Merlin, Lord Erroll summarised as follows:
  • There needs to be a good, secure way of providing electronic identity.
  • There needs to be a balance between centralised and de-centralised systems for identity.
  • There needs to be a level of anonymity in certain cases. For example, if you're calling up a government department to ask about a certain process, they begin by asking for an identification number. When they have that, they also have an indication that you're probably not doing something correctly (even if it's unintentional). This means they could potentially come after you for the unintentional offence. So what happens? People don't call to ask for help.
  • Do we really need to be identified everytime? We really just need to know that someone is authorised to do something.
  • The national ID card is not a bad idea. It is the national identity register that is the problem. It centralises all information relating to a person's interactions with the government. This means it can be tracked and opens people up to things like blackmail and so on.
  • There needs to be proper mutual authentication between consumers and institutions.

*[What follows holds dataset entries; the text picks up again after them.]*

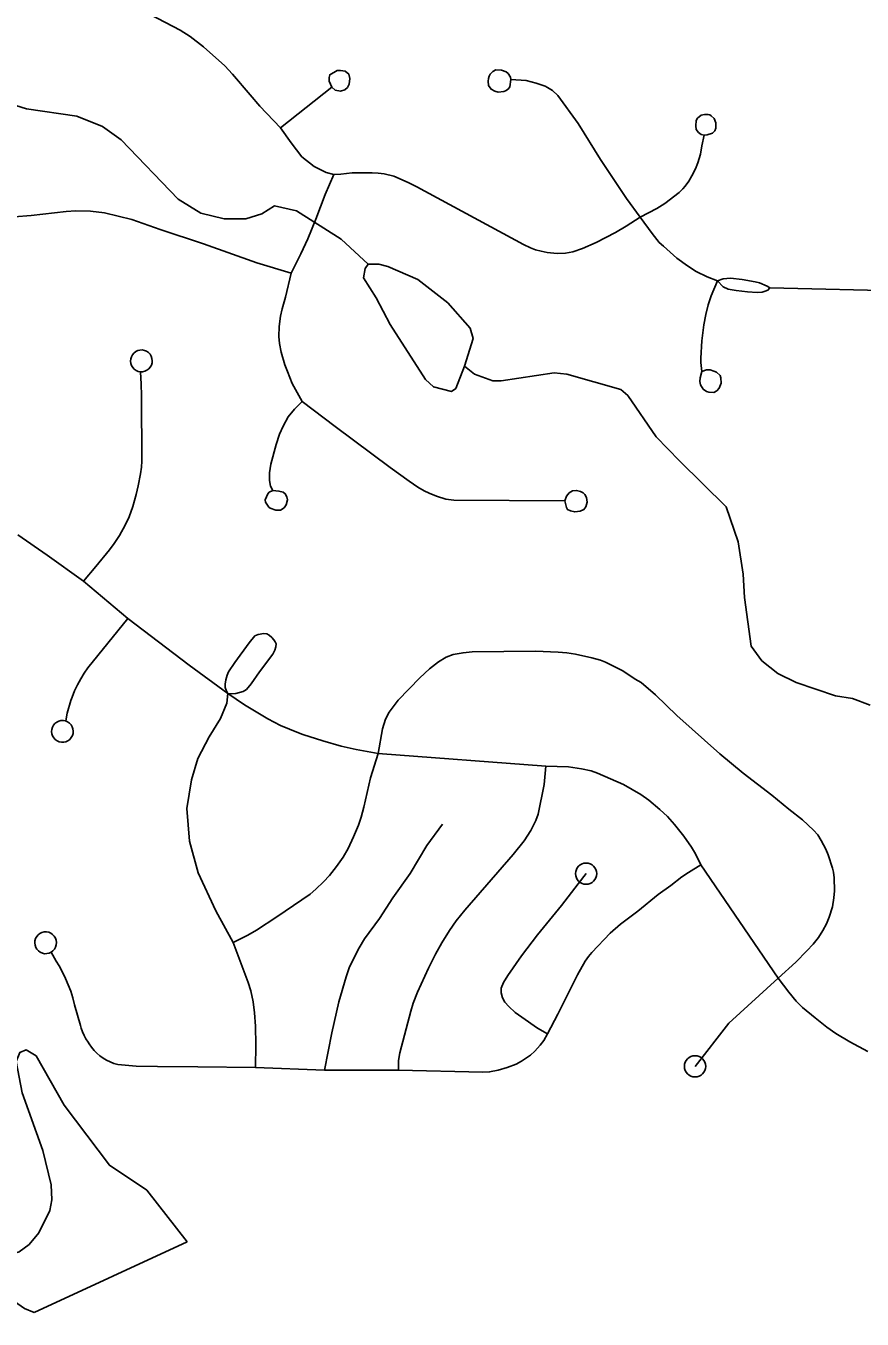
# Model space of a CAD drawing. Extents: x -19 to 366, y -4 to 359.
# Drawn here: x 146.424 to 146.796, y 191.897 to 192.473 of the extents above; entities that cross this region are included whole.
import ezdxf

# ---------------------------------------------------------------- set-up
doc = ezdxf.new("R2010")
doc.units = 0
for name, color, linetype in [('R_Striping', 7, 'Continuous'), ('R_Temp Easement', 7, 'Continuous'), ('Sheet Fence', 7, 'Continuous')]:
    doc.layers.add(name, color=color, linetype=linetype)

msp = doc.modelspace()

# ---------------------------------------------------------------- linework, layer by layer
at = {"layer": 'R_Striping'}
for points in [[(146.53747, 192.42718), (146.52831, 192.43675), (146.52398, 192.44191), (146.51623, 192.4511), (146.5128, 192.45479), (146.50333, 192.46321), (146.49735, 192.46782), (146.49288, 192.47062), (146.47618, 192.47941), (146.46951, 192.48235), (146.46324, 192.48438), (146.44205, 192.48907), (146.43969, 192.48935), (146.41661, 192.49058), (146.40915, 192.49217), (146.4055, 192.49309), (146.40275, 192.49397), (146.4003, 192.4945), (146.38098, 192.49731), (146.36666, 192.4977), (146.34074, 192.49727), (146.33687, 192.49679), (146.33007, 192.49537)], [(146.56026, 192.4453), (146.55912, 192.4479), (146.55909, 192.4496), (146.55943, 192.45076), (146.56272, 192.45271), (146.56418, 192.45271), (146.56633, 192.45236), (146.56783, 192.45109), (146.56839, 192.44914), (146.56811, 192.44662), (146.56737, 192.44512), (146.56608, 192.44403), (146.56413, 192.44349), (146.56175, 192.44394), (146.56026, 192.4453)], [(146.63993, 192.44859), (146.63955, 192.44539), (146.63871, 192.44436), (146.63764, 192.4436), (146.63684, 192.44326), (146.63436, 192.44306), (146.63281, 192.44343), (146.63115, 192.44431), (146.63008, 192.44603), (146.62986, 192.4479), (146.62999, 192.44907), (146.63029, 192.45019), (146.63079, 192.45102), (146.63189, 192.4522), (146.63321, 192.45295)], [(146.63993, 192.44859), (146.63983, 192.44963), (146.63871, 192.45137), (146.63791, 192.45201), (146.63573, 192.45286), (146.63321, 192.45295)], [(146.69749, 192.38744), (146.69132, 192.39566), (146.67979, 192.4131), (146.66988, 192.42905), (146.66091, 192.4416), (146.65848, 192.4437), (146.65623, 192.44509), (146.65515, 192.44568), (146.65127, 192.44704), (146.64669, 192.44819), (146.63993, 192.44859)], [(146.53747, 192.42718), (146.56026, 192.4453)], [(146.72586, 192.42392), (146.72732, 192.42398), (146.72957, 192.42477), (146.73061, 192.42581), (146.73114, 192.42706), (146.73114, 192.42945), (146.73037, 192.43131), (146.72908, 192.43249), (146.72838, 192.43288), (146.72757, 192.43311), (146.7261, 192.43313), (146.72465, 192.43273), (146.72291, 192.43143), (146.7223, 192.43038), (146.7222, 192.42812), (146.72235, 192.42644), (146.72333, 192.42513), (146.72459, 192.42418), (146.72586, 192.42392)], [(146.56126, 192.4064), (146.55778, 192.40726), (146.55253, 192.40996), (146.54703, 192.41432), (146.54222, 192.42042), (146.53747, 192.42718)], [(146.69749, 192.38744), (146.70488, 192.39128), (146.70844, 192.39355), (146.71475, 192.39846), (146.71648, 192.4001), (146.71754, 192.40128), (146.71906, 192.40346), (146.72043, 192.40577), (146.72207, 192.40895), (146.72315, 192.41154), (146.72431, 192.41541), (146.72482, 192.41911), (146.72586, 192.42392)], [(146.56126, 192.4064), (146.55733, 192.39751), (146.55328, 192.38657), (146.54964, 192.37774), (146.54659, 192.37108), (146.54223, 192.3625)], [(146.69749, 192.38744), (146.69124, 192.38338), (146.68647, 192.38063), (146.67793, 192.37617), (146.67178, 192.37348), (146.66756, 192.37205), (146.66424, 192.37136), (146.66055, 192.37128), (146.65606, 192.37175), (146.65344, 192.37224), (146.65093, 192.37295), (146.64866, 192.37383), (146.64558, 192.37525), (146.59816, 192.40089), (146.59424, 192.40284), (146.58788, 192.40566), (146.58361, 192.40667), (146.58095, 192.40703), (146.57834, 192.40717), (146.56943, 192.40717), (146.56433, 192.40656), (146.56126, 192.4064)], [(146.54223, 192.3625), (146.527, 192.36713), (146.50333, 192.37561), (146.48395, 192.38196), (146.47132, 192.38639), (146.4592, 192.38937), (146.45295, 192.39008), (146.44652, 192.39021), (146.44215, 192.38994), (146.42669, 192.38818), (146.41899, 192.38759), (146.41477, 192.38755), (146.40636, 192.38785)], [(146.73183, 192.35904), (146.72727, 192.3609), (146.72237, 192.36324), (146.71851, 192.36575), (146.71383, 192.36925), (146.70778, 192.37448), (146.70597, 192.37623), (146.70272, 192.38023), (146.69749, 192.38744)], [(146.54223, 192.3625), (146.53966, 192.35187), (146.53818, 192.3467), (146.53747, 192.34337), (146.5369, 192.33884), (146.53677, 192.3343), (146.53703, 192.33131), (146.53786, 192.32746), (146.53949, 192.32176), (146.54065, 192.31878), (146.5427, 192.31352), (146.54721, 192.30543)], [(146.73183, 192.35904), (146.72897, 192.35247), (146.72769, 192.3484), (146.72666, 192.34417), (146.72575, 192.33958), (146.7249, 192.3324), (146.72438, 192.3247), (146.72439, 192.32282), (146.72484, 192.31886)], [(146.75508, 192.35601), (146.75399, 192.35668), (146.75049, 192.3582), (146.74865, 192.35866), (146.74285, 192.35965), (146.73766, 192.36024), (146.73431, 192.35998), (146.73183, 192.35904)], [(146.75508, 192.35601), (146.75428, 192.35502), (146.75306, 192.35454), (146.7517, 192.35406), (146.74953, 192.35385), (146.74516, 192.35421), (146.74008, 192.35484), (146.73662, 192.35548), (146.73434, 192.35646), (146.73183, 192.35904)], [(146.81727, 192.35445), (146.75508, 192.35601)], [(146.47519, 192.31865), (146.47619, 192.31867), (146.47717, 192.31889), (146.47811, 192.31932), (146.47892, 192.31994), (146.47958, 192.32071), (146.48008, 192.3216), (146.48038, 192.32257), (146.48047, 192.32358), (146.48034, 192.3246), (146.48001, 192.32556), (146.47948, 192.32643), (146.47877, 192.32718), (146.47795, 192.32776), (146.47701, 192.32816), (146.47601, 192.32835), (146.475, 192.32831), (146.47403, 192.32807), (146.47312, 192.32763), (146.47234, 192.32701), (146.4717, 192.32625), (146.4712, 192.32537), (146.47092, 192.32441), (146.47083, 192.32341), (146.47096, 192.32241), (146.47127, 192.32146), (146.47177, 192.3206), (146.47246, 192.31986), (146.47328, 192.31927), (146.47419, 192.31886), (146.47519, 192.31865)], [(146.44992, 192.2255), (146.45543, 192.23204), (146.46139, 192.2394), (146.46355, 192.2423), (146.46588, 192.24591), (146.46842, 192.25046), (146.47014, 192.25415), (146.47178, 192.25871), (146.47337, 192.26412), (146.47425, 192.26795), (146.47522, 192.27326), (146.47566, 192.27625), (146.47581, 192.27896), (146.47574, 192.30813), (146.47559, 192.31314), (146.47519, 192.31865)], [(146.72484, 192.31886), (146.72409, 192.31595), (146.72398, 192.31427), (146.72426, 192.3129), (146.7255, 192.31094), (146.72695, 192.30987), (146.728, 192.30955), (146.73023, 192.3095), (146.73151, 192.31016), (146.73264, 192.31141), (146.73345, 192.31353), (146.73335, 192.31593), (146.73297, 192.31702), (146.73141, 192.31849), (146.73025, 192.31899), (146.72856, 192.31948), (146.72702, 192.31954), (146.72484, 192.31886)], [(146.54721, 192.30543), (146.54373, 192.30205), (146.54087, 192.29862), (146.53863, 192.29452), (146.53701, 192.29096), (146.53551, 192.28634), (146.53322, 192.27752), (146.53255, 192.27371), (146.53265, 192.27025), (146.53303, 192.26781), (146.53404, 192.26588)], [(146.54721, 192.30543), (146.56185, 192.29431), (146.58629, 192.27612), (146.59471, 192.27003), (146.5986, 192.26741), (146.60137, 192.26578), (146.60368, 192.26467), (146.60689, 192.26338), (146.61105, 192.26205), (146.61457, 192.26162), (146.66392, 192.26125)], [(146.53404, 192.26588), (146.53682, 192.26563), (146.5387, 192.26519), (146.53962, 192.26443), (146.54038, 192.2631), (146.54058, 192.26173), (146.54008, 192.25946), (146.5391, 192.25817), (146.5375, 192.25706), (146.53541, 192.25715), (146.53297, 192.25799), (146.53237, 192.25847), (146.53079, 192.26064), (146.53075, 192.26168), (146.53181, 192.26432), (146.53248, 192.26506), (146.53404, 192.26588)], [(146.66392, 192.26125), (146.66465, 192.25825), (146.6651, 192.25744), (146.66642, 192.25678), (146.6684, 192.2563), (146.67078, 192.25663), (146.67242, 192.2574), (146.67326, 192.25858), (146.67386, 192.26066), (146.67356, 192.26272), (146.67283, 192.26414), (146.67205, 192.26482), (146.67099, 192.26548), (146.66915, 192.26592), (146.66731, 192.26574), (146.66589, 192.26489), (146.6647, 192.26341), (146.66392, 192.26125)], [(146.44992, 192.2255), (146.4337, 192.23708), (146.42064, 192.24616)], [(146.4696, 192.20895), (146.44992, 192.2255)], [(146.4696, 192.20895), (146.45182, 192.18706), (146.45017, 192.18459), (146.44864, 192.18204), (146.44725, 192.17941), (146.44595, 192.17672), (146.44483, 192.17395), (146.44426, 192.17241), (146.44258, 192.16686), (146.44197, 192.16334)], [(146.51403, 192.17562), (146.49689, 192.1881), (146.4696, 192.20895)], [(146.51403, 192.17562), (146.51327, 192.17712), (146.51291, 192.17829), (146.51284, 192.17979), (146.51314, 192.18158), (146.51374, 192.18367), (146.51436, 192.18514), (146.51717, 192.18942), (146.52359, 192.19816), (146.52615, 192.20118), (146.52752, 192.20186), (146.53007, 192.20228), (146.5314, 192.20212), (146.53241, 192.20154)], [(146.51403, 192.17562), (146.51586, 192.17538), (146.51763, 192.17558), (146.52094, 192.17651), (146.52238, 192.17738), (146.52449, 192.1798), (146.52819, 192.18527), (146.53411, 192.19301), (146.53505, 192.19485), (146.53541, 192.19631), (146.53551, 192.19759), (146.5352, 192.19852), (146.53461, 192.19941), (146.5336, 192.20053), (146.53241, 192.20154)], [(146.58091, 192.14885), (146.5829, 192.15981), (146.58421, 192.1642), (146.58578, 192.16722), (146.58799, 192.17025), (146.58988, 192.17257), (146.59951, 192.18259), (146.60372, 192.18654), (146.60773, 192.18967), (146.61112, 192.19166), (146.61431, 192.19287), (146.61867, 192.19373), (146.62273, 192.19411), (146.65098, 192.19433), (146.66103, 192.19398), (146.66488, 192.1936), (146.66864, 192.19303), (146.676, 192.1915), (146.6798, 192.19042), (146.68205, 192.18956), (146.68982, 192.18561), (146.69516, 192.182), (146.69784, 192.18043), (146.70423, 192.17494), (146.71369, 192.16585), (146.73284, 192.14869), (146.74328, 192.14015), (146.75594, 192.13034), (146.76351, 192.12417), (146.7696, 192.11945), (146.77452, 192.11478), (146.77648, 192.11269), (146.77802, 192.11019), (146.77999, 192.10626), (146.78104, 192.10375), (146.78301, 192.09783), (146.78342, 192.09614), (146.78368, 192.09357), (146.78388, 192.08779), (146.78362, 192.08473), (146.78293, 192.08067), (146.78155, 192.07614), (146.78027, 192.07307), (146.7787, 192.07013), (146.77673, 192.06709), (146.77445, 192.06415), (146.77165, 192.0611), (146.76666, 192.0561), (146.7588, 192.04895)], [(146.51642, 192.06479), (146.50868, 192.07897), (146.50091, 192.09576), (146.49707, 192.10987), (146.49588, 192.12436), (146.49791, 192.13716), (146.50078, 192.14659), (146.50575, 192.15628), (146.51084, 192.16442), (146.51371, 192.17129), (146.51403, 192.17562)], [(146.58091, 192.14885), (146.57117, 192.15065), (146.56454, 192.1521), (146.55632, 192.15448), (146.54747, 192.15733), (146.54546, 192.15811), (146.53755, 192.16133), (146.53194, 192.16423), (146.52143, 192.17052), (146.51403, 192.17562)], [(146.44007, 192.15387), (146.44106, 192.15389), (146.44205, 192.15411), (146.44298, 192.15454), (146.44379, 192.15516), (146.44446, 192.15593), (146.44495, 192.15682), (146.44526, 192.15779), (146.44534, 192.15881), (146.44522, 192.15982), (146.44488, 192.16078), (146.44436, 192.16165), (146.44365, 192.1624), (146.44283, 192.16298), (146.44189, 192.16338), (146.44089, 192.16357), (146.43987, 192.16353), (146.43891, 192.16329), (146.438, 192.16285), (146.43721, 192.16223), (146.43657, 192.16147), (146.43608, 192.16059), (146.4358, 192.15963), (146.43571, 192.15863), (146.43583, 192.15763), (146.43615, 192.15668), (146.43665, 192.15582), (146.43733, 192.15508), (146.43815, 192.15449), (146.43907, 192.15408), (146.44007, 192.15387)], [(146.58091, 192.14885), (146.57754, 192.13801), (146.57452, 192.12503), (146.57332, 192.12054), (146.57217, 192.11702), (146.57003, 192.11187), (146.56754, 192.10661), (146.56533, 192.10271), (146.56247, 192.09857), (146.5593, 192.09466), (146.5567, 192.09183), (146.55328, 192.08848), (146.55069, 192.08626), (146.53593, 192.07629), (146.52682, 192.07034), (146.52298, 192.06809), (146.51642, 192.06479)], [(146.65549, 192.14331), (146.58091, 192.14885)], [(146.59, 192.00804), (146.59004, 192.01239), (146.59055, 192.01582), (146.5954, 192.03429), (146.59655, 192.03785), (146.59844, 192.04277), (146.6033, 192.05343), (146.60643, 192.05964), (146.60927, 192.06471), (146.61259, 192.0701), (146.61561, 192.07444), (146.61944, 192.07913), (146.64099, 192.10391), (146.64585, 192.11011), (146.64879, 192.11461), (146.6511, 192.11908), (146.65203, 192.12197), (146.65481, 192.13515), (146.65549, 192.14331)], [(146.72445, 192.09931), (146.72207, 192.10419), (146.72027, 192.10729), (146.71689, 192.1121), (146.7127, 192.11732), (146.70962, 192.1208), (146.70623, 192.12401), (146.7013, 192.12812), (146.69769, 192.1307), (146.69005, 192.13513), (146.67853, 192.14007), (146.67561, 192.14112), (146.6713, 192.1421), (146.66552, 192.14288), (146.65549, 192.14331)], [(146.55701, 192.0081), (146.56028, 192.02468), (146.56349, 192.0385), (146.56664, 192.04951), (146.56811, 192.05353), (146.56964, 192.05695), (146.57248, 192.06249), (146.57482, 192.06646), (146.58154, 192.07555), (146.58752, 192.08474), (146.59515, 192.09558), (146.60259, 192.10794), (146.60951, 192.11738)], [(146.72445, 192.09931), (146.71891, 192.09598), (146.71601, 192.09401), (146.71105, 192.09016), (146.70544, 192.0862), (146.69636, 192.0787), (146.68871, 192.07303), (146.68414, 192.06901), (146.67599, 192.06042), (146.67448, 192.05862), (146.67303, 192.05651), (146.66952, 192.05051), (146.66081, 192.03293), (146.65619, 192.02427)], [(146.7588, 192.04895), (146.72445, 192.09931)], [(146.65619, 192.02427), (146.6518, 192.02679), (146.64479, 192.03154), (146.64193, 192.03371), (146.63906, 192.0363), (146.63732, 192.03826), (146.63626, 192.04022), (146.63565, 192.0424), (146.63564, 192.04448), (146.63672, 192.04699), (146.63855, 192.05017), (146.64463, 192.05888), (146.65177, 192.06822), (146.66246, 192.08133), (146.66982, 192.09098), (146.67343, 192.09544)], [(146.43259, 192.05985), (146.43358, 192.05987), (146.43457, 192.06009), (146.43551, 192.06052), (146.43632, 192.06114), (146.43698, 192.06191), (146.43747, 192.0628), (146.43778, 192.06377), (146.43786, 192.06478), (146.43774, 192.0658), (146.4374, 192.06676), (146.43688, 192.06763), (146.43617, 192.06838), (146.43535, 192.06896), (146.43441, 192.06936), (146.43341, 192.06955), (146.43239, 192.06951), (146.43143, 192.06927), (146.43052, 192.06883), (146.42973, 192.06821), (146.42909, 192.06745), (146.4286, 192.06657), (146.42832, 192.06561), (146.42823, 192.06461), (146.42835, 192.06361), (146.42867, 192.06266), (146.42917, 192.0618), (146.42985, 192.06106), (146.43068, 192.06047), (146.43159, 192.06006), (146.43259, 192.05985)], [(146.5264, 192.00921), (146.52653, 192.01924), (146.52637, 192.02758), (146.52598, 192.0336), (146.52529, 192.03849), (146.52424, 192.04332), (146.52314, 192.04705), (146.51642, 192.06479)], [(146.5264, 192.00921), (146.50069, 192.00951), (146.48283, 192.00962), (146.47338, 192.00981), (146.46516, 192.01056), (146.46344, 192.01106), (146.46179, 192.01169), (146.46018, 192.01247), (146.45863, 192.01338), (146.45718, 192.01442), (146.45582, 192.01558), (146.45458, 192.01685), (146.45342, 192.01822), (146.45241, 192.01968), (146.45191, 192.02049), (146.45094, 192.02193), (146.45012, 192.02344), (146.44943, 192.02502), (146.44888, 192.02666), (146.44856, 192.02791), (146.44596, 192.03716), (146.44516, 192.04016), (146.44422, 192.04311), (146.44314, 192.04602), (146.44192, 192.04887), (146.44056, 192.05166), (146.43908, 192.05439), (146.43776, 192.05652), (146.43551, 192.06052)], [(146.7588, 192.04895), (146.7369, 192.02893), (146.72187, 192.00974)], [(146.79867, 192.01637), (146.79065, 192.02071), (146.78452, 192.02436), (146.78044, 192.02723), (146.77522, 192.0313), (146.76966, 192.03595), (146.76683, 192.03869), (146.76359, 192.04266), (146.7588, 192.04895)], [(146.65619, 192.02427), (146.65455, 192.02129), (146.65295, 192.01914), (146.65062, 192.01644), (146.64875, 192.01477), (146.64462, 192.01203), (146.64236, 192.01076), (146.63831, 192.00921), (146.63436, 192.00804), (146.63052, 192.00727), (146.62743, 192.00714), (146.59, 192.00804)], [(146.55701, 192.0081), (146.5264, 192.00921)], [(146.59, 192.00804), (146.55701, 192.0081)]]:
    msp.add_lwpolyline(points, dxfattribs=at)
for centre in [(146.67343, 192.09544), (146.72187, 192.00974)]:
    msp.add_circle(centre, 0.00473, dxfattribs=at)
at = {"layer": 'R_Temp Easement'}
for points in [[(146.71502, 192.27907), (146.70451, 192.2898), (146.69203, 192.30809), (146.68879, 192.31072), (146.66485, 192.31754), (146.65916, 192.31825), (146.6357, 192.31464), (146.63191, 192.31461), (146.62374, 192.31757), (146.61935, 192.32114), (146.61546, 192.31124), (146.61357, 192.3099), (146.6056, 192.31192), (146.60197, 192.3153), (146.58622, 192.33964), (146.58005, 192.35153), (146.57448, 192.3604), (146.5752, 192.36458), (146.57651, 192.36649), (146.56448, 192.37758), (146.54466, 192.39031), (146.53479, 192.3925), (146.52914, 192.38885), (146.52214, 192.38671), (146.51248, 192.38662), (146.50204, 192.38919), (146.49194, 192.39537), (146.4667, 192.4219), (146.45831, 192.42771), (146.4469, 192.43235), (146.42452, 192.43558), (146.41749, 192.4378)], [(146.57651, 192.36649), (146.58125, 192.36653), (146.58524, 192.36542), (146.59855, 192.35965), (146.6119, 192.34933), (146.62185, 192.33804), (146.62322, 192.3335), (146.61935, 192.32114)], [(146.79972, 192.17035), (146.79193, 192.17332), (146.78434, 192.17459), (146.76685, 192.18051), (146.75867, 192.18442), (146.75161, 192.19005), (146.74682, 192.19665), (146.74379, 192.21825), (146.74332, 192.22867), (146.74111, 192.24307), (146.73566, 192.25857), (146.71502, 192.27907)], [(146.49601, 191.9317), (146.478, 191.95468), (146.46142, 191.96574), (146.44129, 191.9925), (146.42878, 192.01439), (146.4244, 192.01701), (146.42157, 192.01585), (146.4199, 192.01185), (146.42267, 191.99803), (146.4318, 191.97232), (146.43554, 191.95699), (146.43578, 191.95035), (146.43488, 191.9456), (146.43004, 191.9357), (146.42573, 191.93054), (146.42121, 191.92728), (146.40817, 191.92357), (146.40535, 191.92051), (146.40558, 191.91615), (146.40826, 191.91276), (146.4237, 191.90208), (146.42789, 191.90022)], [(146.42789, 191.90022), (146.49601, 191.9317)]]:
    msp.add_lwpolyline(points, dxfattribs=at)
at = {"layer": 'Sheet Fence'}
for points in [[(154.11585, 1.87092), (153.9063, 10.48743), (153.69602, 19.10409), (153.48501, 27.72087), (153.27327, 36.3378), (153.0608, 44.95486), (152.84759, 53.57206), (152.63366, 62.1894), (152.419, 70.80688), (152.20362, 79.42449), (151.98751, 88.04225), (151.77068, 96.66014), (151.55312, 105.27817), (151.33484, 113.89634), (151.11584, 122.51465), (150.89612, 131.13311), (150.67568, 139.7517), (150.45452, 148.37043), (150.23264, 156.98931), (150.01005, 165.60832), (149.78674, 174.22748), (149.56272, 182.84677), (149.33799, 191.46621), (149.11254, 200.0858), (148.88638, 208.70552), (148.65952, 217.32539), (148.43194, 225.9454), (148.20366, 234.56555), (147.97466, 243.18584), (147.74497, 251.80628), (147.51457, 260.42687), (147.28346, 269.04759), (147.05165, 277.66846), (146.81914, 286.28948), (146.58593, 294.91064), (146.35202, 303.53194), (146.11742, 312.15339), (145.88211, 320.77499), (145.64611, 329.39673), (145.40941, 338.01861), (145.17202, 346.64065)], [(146.77834, 1.69699), (146.57878, 10.31313), (146.37852, 18.92942), (146.17757, 27.54584), (145.97591, 36.16241), (145.77356, 44.77911), (145.57052, 53.39596), (145.36679, 62.01295), (145.16236, 70.63008), (144.95724, 79.24735), (144.75142, 87.86477), (144.54492, 96.48232), (144.33773, 105.10002), (144.12986, 113.71787), (143.92129, 122.33585), (143.71204, 130.95398), (143.5021, 139.57225), (143.29148, 148.19067), (143.08018, 156.80923), (142.8682, 165.42794), (142.65553, 174.04679), (142.44218, 182.66579), (142.22816, 191.28493), (142.01345, 199.90421), (141.79807, 208.52365), (141.58202, 217.14322), (141.36528, 225.76295), (141.14788, 234.38282), (140.9298, 243.00284), (140.71105, 251.623), (140.49162, 260.24332), (140.27153, 268.86377), (140.05077, 277.48438), (139.82934, 286.10514), (139.60724, 294.72604), (139.38447, 303.34709), (139.16105, 311.96829), (138.93695, 320.58964), (138.7122, 329.21114), (138.48678, 337.83278), (138.2607, 346.45458)], [(0, 189.51617), (7.11214, 189.52059), (14.22427, 189.53386), (21.33637, 189.55597), (28.44845, 189.58693), (35.56048, 189.62672), (42.67245, 189.67537), (49.78436, 189.73285), (56.89619, 189.79918), (64.00793, 189.87436), (71.11958, 189.95838), (78.23111, 190.05124), (85.34253, 190.15294), (92.45381, 190.26349), (99.56495, 190.38288), (106.67593, 190.51112), (113.78675, 190.6482), (120.89739, 190.79412), (128.00785, 190.94888), (135.11811, 191.11248), (142.22816, 191.28493), (149.33799, 191.46621), (156.44759, 191.65634), (163.55694, 191.85531), (170.66605, 192.06312), (177.77489, 192.27977), (184.88345, 192.50526), (191.99173, 192.73959), (199.09971, 192.98276), (206.20739, 193.23477), (213.31474, 193.49561), (220.42177, 193.7653), (227.52845, 194.04382), (234.63479, 194.33118), (241.74076, 194.62738), (248.84635, 194.93241), (255.95157, 195.24628), (263.05638, 195.56898), (270.16079, 195.90052), (277.26478, 196.24089), (284.36834, 196.5901), (291.47147, 196.94814), (298.57414, 197.31501), (305.67635, 197.69072), (312.77809, 198.07525), (319.87934, 198.46862), (326.9801, 198.87082), (334.08035, 199.28185), (341.18009, 199.7017)]]:
    msp.add_spline(points, degree=3, dxfattribs=at)

doc.saveas('drawing.dxf')

Too often, institutions don't provide consumers with any authentication and expect us to trust they are who they say they are (Ian's note: I've mentioned this many times before, most recently in this post).
  • Having a centralised identity register still forces the government to provide "back doors". Active field agents (spies) will either need their details obscured or they may need multiple credentials/records. People on the witness protection program need to have their details changed and have to assume a new identity that is untraceable to their original one. Gender re-assignment operations also force a change to the system for that particular person's identity (although it's a little easier because it's just a name and gender attribute modification and should still be traceable to their original record).
  • Main point: One centralised database is not the answer. Smaller, distributed systems is the better way to go and federation plays a key part in all this.
My opinions:
  • All raise interesting and valid points and are good conversation starting points.
  • Did the Butler group guy lose his slides and was forced to pull out his slides from a few years ago?




Phew! That was a lot to write. Possibly my longest blog post ever.

That was my day in summary. Should be plenty here to digest and discuss. Feel free to post as many comments as you like.